** Exercise materials follows **

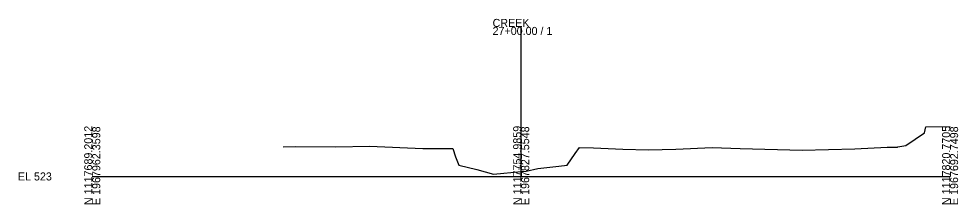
# Model space of a CAD drawing. Extents: x 9974 to 10303, y 9990 to 19550.
# Drawn here: x 9974.3 to 10302.8, y 16990.3 to 17055.1 of the extents above; entities that cross this region are included whole.
import ezdxf

# ---------------------------------------------------------------- set-up
doc = ezdxf.new("R2010")
doc.units = 0
for name, color, linetype in [('Level 10', 7, 'Continuous'), ('Level 60', 7, 'Continuous'), ('Level 63', 7, 'Continuous')]:
    doc.layers.add(name, color=color, linetype=linetype)

msp = doc.modelspace()

# ---------------------------------------------------------------- linework, layer by layer
at = {"layer": 'Level 60'}
for p, q in [((10284.54, 17010.84), (10291, 17015.18)), ((10291, 17015.18), (10291.56, 17017.33)), ((10291.56, 17017.33), (10299.98, 17017.41)), ((10299.98, 17017.41), (10300, 17017.41)), ((10066.8, 17010.4), (10071.23, 17010.43)), ((10071.23, 17010.43), (10085.16, 17010.39)), ((10085.16, 17010.39), (10097.01, 17010.6)), ((10097.01, 17010.6), (10115.59, 17009.72)), ((10115.59, 17009.72), (10126.08, 17009.73)), ((10126.08, 17009.73), (10127.07, 17006.86)), ((10168.84, 17007.98), (10170.4, 17010.15)), ((10170.4, 17010.15), (10175.27, 17009.97)), ((10175.27, 17009.97), (10185.52, 17009.58)), ((10185.52, 17009.58), (10194.51, 17009.27)), ((10194.51, 17009.27), (10204.12, 17009.58)), ((10204.12, 17009.58), (10216.77, 17010.13)), ((10216.77, 17010.13), (10226.55, 17009.75)), ((10226.55, 17009.75), (10248.22, 17009.19)), ((10248.22, 17009.19), (10266.69, 17009.59)), ((10266.69, 17009.59), (10277.98, 17010.28)), ((10277.98, 17010.28), (10280.03, 17010.23)), ((10280.03, 17010.23), (10281.63, 17010.22)), ((10281.63, 17010.22), (10281.69, 17010.38)), ((10281.69, 17010.38), (10284.54, 17010.84)), ((10127.07, 17006.86), (10128.19, 17003.9)), ((10166.09, 17003.99), (10168.84, 17007.98)), ((10128.19, 17003.9), (10134.48, 17002.37)), ((10134.48, 17002.37), (10140.32, 17000.77)), ((10140.32, 17000.77), (10150, 17001.72)), ((10150, 17001.72), (10151.79, 17001.9)), ((10151.79, 17001.9), (10155.87, 17002.74)), ((10155.87, 17002.74), (10163.19, 17003.57)), ((10163.19, 17003.57), (10166.09, 17003.99))]:
    msp.add_line(p, q, dxfattribs=at)
at = {"layer": 'Level 63'}
for p, q in [((10150, 17000), (10150, 17052.23)), ((10000, 17000), (10150, 17000)), ((10150, 17000), (10300, 17000))]:
    msp.add_line(p, q, dxfattribs=at)

# ---------------------------------------------------------------- texts
at = {"layer": 'Level 10'}
msp.add_text('524.720', height=0.8, rotation=90, dxfattribs=at).set_placement((10149.9, 17002.22))
at = {"layer": 'Level 63'}
for s, p in [('CREEK', (10140, 17052.23)), ('27+00.00 / 1', (10140, 17049.43)), ('EL 523', (9974, 16998.6))]:
    msp.add_text(s, height=2.8, dxfattribs=at).set_placement(p)
for s, p in [('N 1117689.2012', (10000, 16990)), ('E 1967962.3598', (10002.8, 16990)), ('N 1117754.9859', (10150, 16990)), ('E 1967827.5548', (10152.8, 16990)), ('N 1117820.7705', (10300, 16990)), ('E 1967692.7498', (10302.8, 16990))]:
    msp.add_text(s, height=2.8, rotation=90, dxfattribs=at).set_placement(p)

doc.saveas('drawing.dxf')

** End of Exercise materials **

Wherever the string "color" appears in a line of the records above, copy that line.

for name, color, linetype in [('Level 10', 7, 'Continuous'), ('Level 60', 7, 'Continuous'), ('Level 63', 7, 'Continuous')]:
    doc.layers.add(name, color=color, linetype=linetype)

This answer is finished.